A 1965 poster promoting a China Policy Study Group lecture themed China's Views on Peace and War.

Story resumes

In April, the society organized a tour named "In the Footsteps of George Hogg" to mark the 80th anniversary of George Hogg's death. The tour retraced Hogg's journey from Shanghai to the Gobi Desert, and tour members participated in commemoration conferences in Lanzhou of Gansu, and Beijing.

Carrying forward the spirit of Needham, SACU continues to broaden the conversation about China in the UK by engaging with scholars, artists, and public intellectuals. Among those lending their voices is historian and broadcaster Michael Wood, who has served as the president of SACU since 2020.

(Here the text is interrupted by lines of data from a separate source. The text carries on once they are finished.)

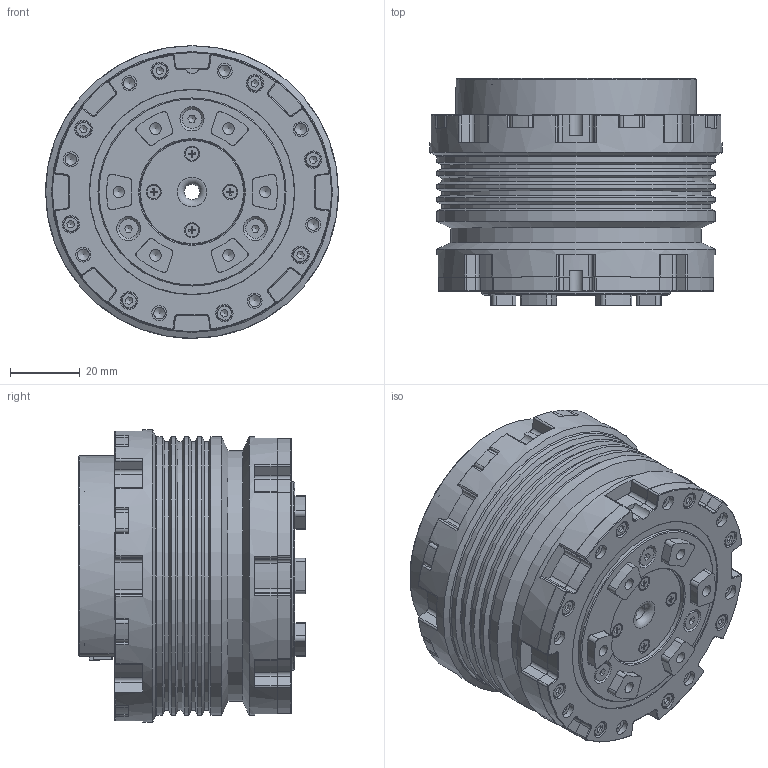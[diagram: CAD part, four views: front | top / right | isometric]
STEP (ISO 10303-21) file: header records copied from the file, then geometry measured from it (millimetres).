
FILE_DESCRIPTION( ('This file contains a STEP AP42 implementation' ,'as created by ZW3D STEP Interface translator.') ,'2;1' );
FILE_NAME( 'PJ3-75-8001.stp' ,'26 3 5. 937 6', (''), ('ZWCAD Software Co.'), 'Version 1.0', 'ZW3D to STEP translator', '' );
FILE_SCHEMA(('AUTOMOTIVE_DESIGN { 1 0 10303 214 1 1 1 1 }'));
Length unit declared in the file: millimetre
Products named in the file (4): 0; PJ3-75-8001; PJ3-75-7001_1; PJ3-75-7002_1
Assembly tree (2 placements, depth 2):
  0
  PJ3-75-8001
    PJ3-75-7001_1
    PJ3-75-7002_1
Bounding box: 84 x 65.1 x 84 mm (x, y, z)
Volume: 89862.8 mm3; surface area: 71839.5 mm2
Topology: 54 solids, 68 shells, 2900 faces, 7386 edges, 4755 vertices
Faces by surface type: plane 1671, cylinder 713, cone 214, bspline 209, torus 77, sphere 16
Full cylindrical faces by diameter (mm): 1.6 x8, 1.74 x4, 2 x4, 2.05 x32, 2.2 x4, 2.208 x8, 2.5 x30, 2.7 x16, 3 x6, 3.2 x3, 3.3 x60, 3.8 x8, 4 x3, 4.3 x4, 4.5 x10, 5 x16, 5.54 x3, 5.9 x6, 6 x8, 6.5 x1, 6.8 x1, 15 x1, 19.2 x1, 30 x2, 33 x1, 40 x1, 41 x1, 54 x1, 57 x1, 59 x2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
Entity records: 95784 total; most frequent: CARTESIAN_POINT 23165, ORIENTED_EDGE 14646, DIRECTION 13821, EDGE_CURVE 7323, VECTOR 4893, LINE 4893, VERTEX_POINT 4765, AXIS2_PLACEMENT_3D 4464
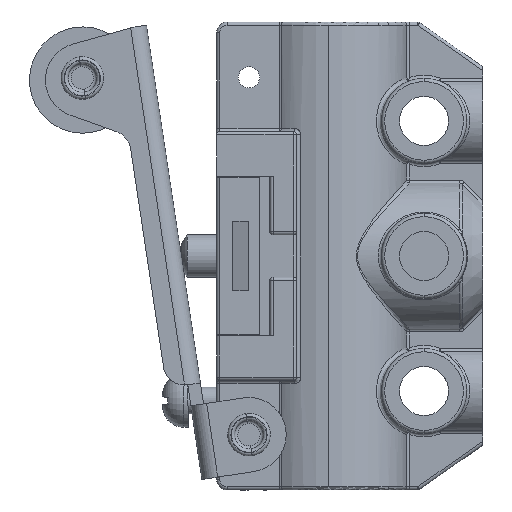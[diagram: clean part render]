
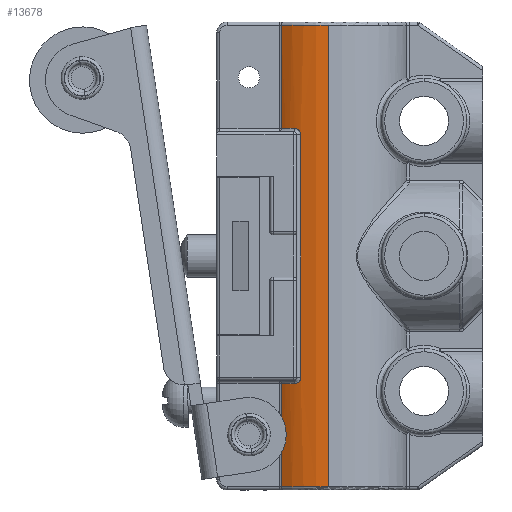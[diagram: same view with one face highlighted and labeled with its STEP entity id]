
A CAD part, left-side view. The second image highlights one B-rep face of the part: STEP entity #13678.
In plain terms, the highlighted cylindrical face has radius 7.5 mm (diameter 15 mm), a partial arc.
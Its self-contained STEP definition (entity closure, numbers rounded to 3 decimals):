
#84 = CARTESIAN_POINT ( 'NONE',  ( -6.864, 3.026, 12. ) ) ;
#318 = EDGE_CURVE ( 'NONE', #7694, #7239, #17554, .T. ) ;
#389 = ORIENTED_EDGE ( 'NONE', *, *, #13860, .T. ) ;
#406 = VECTOR ( 'NONE', #15671, 1000. ) ;
#445 = EDGE_CURVE ( 'NONE', #1532, #16871, #1170, .T. ) ;
#713 = CIRCLE ( 'NONE', #17154, 7.5 ) ;
#835 = VECTOR ( 'NONE', #9404, 1000. ) ;
#1128 = CARTESIAN_POINT ( 'NONE',  ( -7.5, 0., -21.7 ) ) ;
#1170 = LINE ( 'NONE', #12208, #835 ) ;
#1193 = EDGE_CURVE ( 'NONE', #1532, #2432, #11078, .T. ) ;
#1255 = DIRECTION ( 'NONE',  ( 0., 0., 1. ) ) ;
#1532 = VERTEX_POINT ( 'NONE', #3843 ) ;
#1554 = CARTESIAN_POINT ( 'NONE',  ( -6.058, 4.422, 21.7 ) ) ;
#2243 = CARTESIAN_POINT ( 'NONE',  ( -6.796, 3.173, -12. ) ) ;
#2343 = ORIENTED_EDGE ( 'NONE', *, *, #445, .T. ) ;
#2432 = VERTEX_POINT ( 'NONE', #6858 ) ;
#3117 = CARTESIAN_POINT ( 'NONE',  ( 0., 0., -21.7 ) ) ;
#3458 = DIRECTION ( 'NONE',  ( 1., 0., 0. ) ) ;
#3495 = DIRECTION ( 'NONE',  ( 0., 0., -1. ) ) ;
#3628 = B_SPLINE_CURVE_WITH_KNOTS ( 'NONE', 3,
 ( #2243, #4942, #5127, #10475, #14621, #14527 ),
 .UNSPECIFIED., .F., .F.,
 ( 4, 2, 4 ),
 ( 0., 0., 0.001 ),
 .UNSPECIFIED. ) ;
#3816 = VERTEX_POINT ( 'NONE', #7568 ) ;
#3843 = CARTESIAN_POINT ( 'NONE',  ( -7.036, 2.596, 11.4 ) ) ;
#3856 = CARTESIAN_POINT ( 'NONE',  ( 0., 0., 22. ) ) ;
#4148 = EDGE_CURVE ( 'NONE', #7239, #12506, #14160, .T. ) ;
#4523 = VERTEX_POINT ( 'NONE', #13838 ) ;
#4942 = CARTESIAN_POINT ( 'NONE',  ( -6.864, 3.026, -12. ) ) ;
#5127 = CARTESIAN_POINT ( 'NONE',  ( -6.927, 2.879, -11.939 ) ) ;
#5169 = EDGE_LOOP ( 'NONE', ( #14605, #12780, #389, #17398, #15844, #2343, #12925, #7184, #10739, #9795 ) ) ;
#5536 = CARTESIAN_POINT ( 'NONE',  ( -7.036, 2.596, -11.4 ) ) ;
#6858 = CARTESIAN_POINT ( 'NONE',  ( -6.796, 3.173, 12. ) ) ;
#6908 = CARTESIAN_POINT ( 'NONE',  ( -6.058, 4.422, -21.7 ) ) ;
#6945 = CIRCLE ( 'NONE', #16466, 7.5 ) ;
#7184 = ORIENTED_EDGE ( 'NONE', *, *, #318, .T. ) ;
#7239 = VERTEX_POINT ( 'NONE', #9035 ) ;
#7464 = CARTESIAN_POINT ( 'NONE',  ( -6.058, 4.422, 22. ) ) ;
#7568 = CARTESIAN_POINT ( 'NONE',  ( -7.5, 0., 21.7 ) ) ;
#7694 = VERTEX_POINT ( 'NONE', #11258 ) ;
#7755 = AXIS2_PLACEMENT_3D ( 'NONE', #13778, #10894, #9543 ) ;
#8326 = VECTOR ( 'NONE', #14240, 1000. ) ;
#8605 = AXIS2_PLACEMENT_3D ( 'NONE', #3856, #11829, #14870 ) ;
#9035 = CARTESIAN_POINT ( 'NONE',  ( -6.058, 4.422, -12. ) ) ;
#9113 = AXIS2_PLACEMENT_3D ( 'NONE', #11676, #15461, #3458 ) ;
#9328 = VERTEX_POINT ( 'NONE', #1554 ) ;
#9404 = DIRECTION ( 'NONE',  ( 0., 0., -1. ) ) ;
#9543 = DIRECTION ( 'NONE',  ( 0., -1., 0. ) ) ;
#9588 = DIRECTION ( 'NONE',  ( 0., 1., 0. ) ) ;
#9795 = ORIENTED_EDGE ( 'NONE', *, *, #17433, .T. ) ;
#9840 = CARTESIAN_POINT ( 'NONE',  ( -7.036, 2.596, 11.4 ) ) ;
#10475 = CARTESIAN_POINT ( 'NONE',  ( -7.013, 2.662, -11.72 ) ) ;
#10739 = ORIENTED_EDGE ( 'NONE', *, *, #4148, .T. ) ;
#10894 = DIRECTION ( 'NONE',  ( 0., 0., -1. ) ) ;
#10936 = CARTESIAN_POINT ( 'NONE',  ( -7.013, 2.662, 11.72 ) ) ;
#11040 = EDGE_CURVE ( 'NONE', #4523, #2432, #6945, .T. ) ;
#11078 = B_SPLINE_CURVE_WITH_KNOTS ( 'NONE', 3,
 ( #9840, #13726, #10936, #15253, #84, #13993 ),
 .UNSPECIFIED., .F., .F.,
 ( 4, 2, 4 ),
 ( 0., 0., 0.001 ),
 .UNSPECIFIED. ) ;
#11116 = CARTESIAN_POINT ( 'NONE',  ( 0., 0., 12. ) ) ;
#11258 = CARTESIAN_POINT ( 'NONE',  ( -6.796, 3.173, -12. ) ) ;
#11532 = CARTESIAN_POINT ( 'NONE',  ( -7.5, 0., 22. ) ) ;
#11676 = CARTESIAN_POINT ( 'NONE',  ( 0., 0., 21.7 ) ) ;
#11829 = DIRECTION ( 'NONE',  ( 0., 0., -1. ) ) ;
#11919 = CYLINDRICAL_SURFACE ( 'NONE', #8605, 7.5 ) ;
#12208 = CARTESIAN_POINT ( 'NONE',  ( -7.036, 2.596, 22. ) ) ;
#12506 = VERTEX_POINT ( 'NONE', #6908 ) ;
#12780 = ORIENTED_EDGE ( 'NONE', *, *, #15499, .T. ) ;
#12830 = VECTOR ( 'NONE', #3495, 1000. ) ;
#12925 = ORIENTED_EDGE ( 'NONE', *, *, #15878, .F. ) ;
#13678 = ADVANCED_FACE ( 'NONE', ( #16230 ), #11919, .T. ) ;
#13726 = CARTESIAN_POINT ( 'NONE',  ( -7.036, 2.596, 11.562 ) ) ;
#13778 = CARTESIAN_POINT ( 'NONE',  ( 0., 0., -12. ) ) ;
#13838 = CARTESIAN_POINT ( 'NONE',  ( -6.058, 4.422, 12. ) ) ;
#13860 = EDGE_CURVE ( 'NONE', #9328, #4523, #15770, .T. ) ;
#13993 = CARTESIAN_POINT ( 'NONE',  ( -6.796, 3.173, 12. ) ) ;
#14160 = LINE ( 'NONE', #16950, #12830 ) ;
#14236 = DIRECTION ( 'NONE',  ( 0., 0., 1. ) ) ;
#14240 = DIRECTION ( 'NONE',  ( 0., 0., -1. ) ) ;
#14329 = DIRECTION ( 'NONE',  ( 1., 0., 0. ) ) ;
#14527 = CARTESIAN_POINT ( 'NONE',  ( -7.036, 2.596, -11.4 ) ) ;
#14605 = ORIENTED_EDGE ( 'NONE', *, *, #16553, .F. ) ;
#14621 = CARTESIAN_POINT ( 'NONE',  ( -7.036, 2.596, -11.562 ) ) ;
#14863 = CIRCLE ( 'NONE', #9113, 7.5 ) ;
#14870 = DIRECTION ( 'NONE',  ( -1., 0., 0. ) ) ;
#15253 = CARTESIAN_POINT ( 'NONE',  ( -6.926, 2.88, 11.94 ) ) ;
#15461 = DIRECTION ( 'NONE',  ( 0., 0., -1. ) ) ;
#15499 = EDGE_CURVE ( 'NONE', #3816, #9328, #14863, .T. ) ;
#15671 = DIRECTION ( 'NONE',  ( 0., 0., -1. ) ) ;
#15770 = LINE ( 'NONE', #7464, #8326 ) ;
#15844 = ORIENTED_EDGE ( 'NONE', *, *, #1193, .F. ) ;
#15878 = EDGE_CURVE ( 'NONE', #7694, #16871, #3628, .T. ) ;
#16230 = FACE_OUTER_BOUND ( 'NONE', #5169, .T. ) ;
#16466 = AXIS2_PLACEMENT_3D ( 'NONE', #11116, #1255, #9588 ) ;
#16468 = VERTEX_POINT ( 'NONE', #1128 ) ;
#16553 = EDGE_CURVE ( 'NONE', #3816, #16468, #16941, .T. ) ;
#16871 = VERTEX_POINT ( 'NONE', #5536 ) ;
#16941 = LINE ( 'NONE', #11532, #406 ) ;
#16950 = CARTESIAN_POINT ( 'NONE',  ( -6.058, 4.422, 22. ) ) ;
#17154 = AXIS2_PLACEMENT_3D ( 'NONE', #3117, #14236, #14329 ) ;
#17398 = ORIENTED_EDGE ( 'NONE', *, *, #11040, .T. ) ;
#17433 = EDGE_CURVE ( 'NONE', #12506, #16468, #713, .T. ) ;
#17554 = CIRCLE ( 'NONE', #7755, 7.5 ) ;
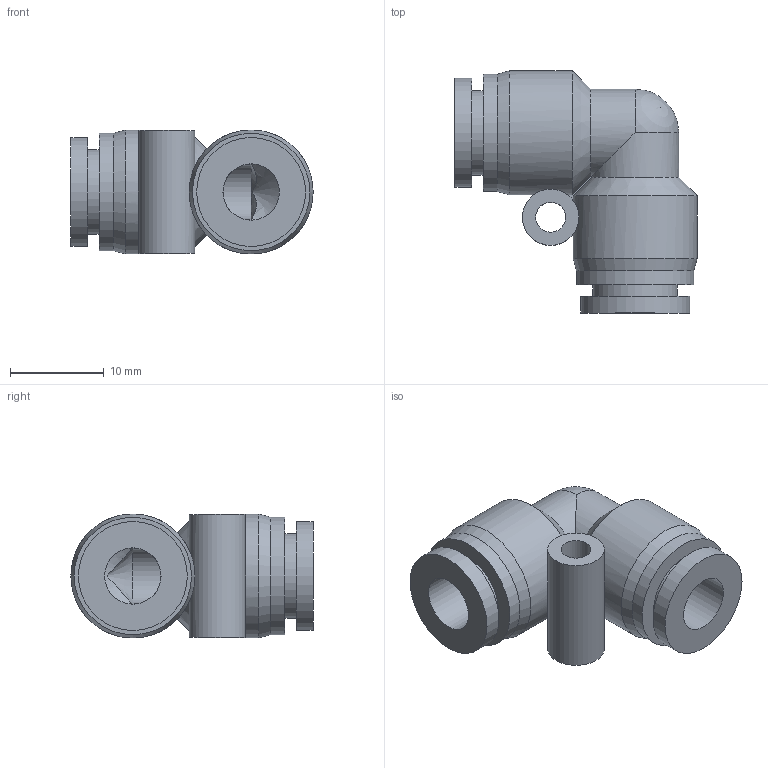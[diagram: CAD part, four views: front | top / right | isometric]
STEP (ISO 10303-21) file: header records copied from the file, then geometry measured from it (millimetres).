
FILE_DESCRIPTION((''),'2;1');
FILE_NAME('S:\UTecnico\ArchivioUT\Speciali Clienti\Speciali KONFIT\Plastica\RP\RP 54\RP540006.stp','2012-05-15T10:22:06',('UT5'),(''),'Autodesk Inventor 2012','Autodesk Inventor 2012','');
FILE_SCHEMA(('AUTOMOTIVE_DESIGN { 1 0 10303 214 1 1 1 1 }'));
Length unit declared in the file: millimetre
Products named in the file (1): RP540006
Bounding box: 25.8 x 25.8 x 13.2 mm (x, y, z)
Volume: 3269.8 mm3; surface area: 2847.5 mm2
Topology: 1 solids, 1 shells, 31 faces, 73 edges, 47 vertices
Faces by surface type: cylinder 14, plane 10, cone 6, sphere 1
Full cylindrical faces by diameter (mm): 3.2 x1, 6 x3, 9 x2, 11.6 x2, 12.5 x2, 13.2 x2
Entity records: 920 total; most frequent: CARTESIAN_POINT 244, DIRECTION 138, ORIENTED_EDGE 98, AXIS2_PLACEMENT_3D 65, EDGE_LOOP 54, EDGE_CURVE 49, VERTEX_POINT 39, FACE_OUTER_BOUND 31

A history professor at the University of Manchester and documentary maker, his works include the well-received book The Story of China: A Portrait of a Civilisation and Its People and the acclaimed BBC documentary Du Fu: China's Greatest Poet, which brought Chinese poetry and history to wide audiences.

 

A 1976 lecture notice about artists' impressions of China after their trip to the country organized by the SACU.

Speaking at the anniversary celebration, Wood told a room filled with both longtime members and newcomers: "Now China is not only an economic giant, but a political and cultural giant, too. It's essential for us to understand it better. That was the key motive of the farsighted founders of SACU, who foresaw the independent and prosperous China that could arise and make the future that we're now living in."

 

SACU News special issue for the 20th anniversary of the founding of PRC.

"I hope that through all the other modern aspects of the media, SACU will find partners, increase its reach, and expand knowledge of China, but still remembering the key goal that was spoken on that platform in 1965," he said.

"Friendship and understanding — that's the greatest need in such a dangerous and unstable world."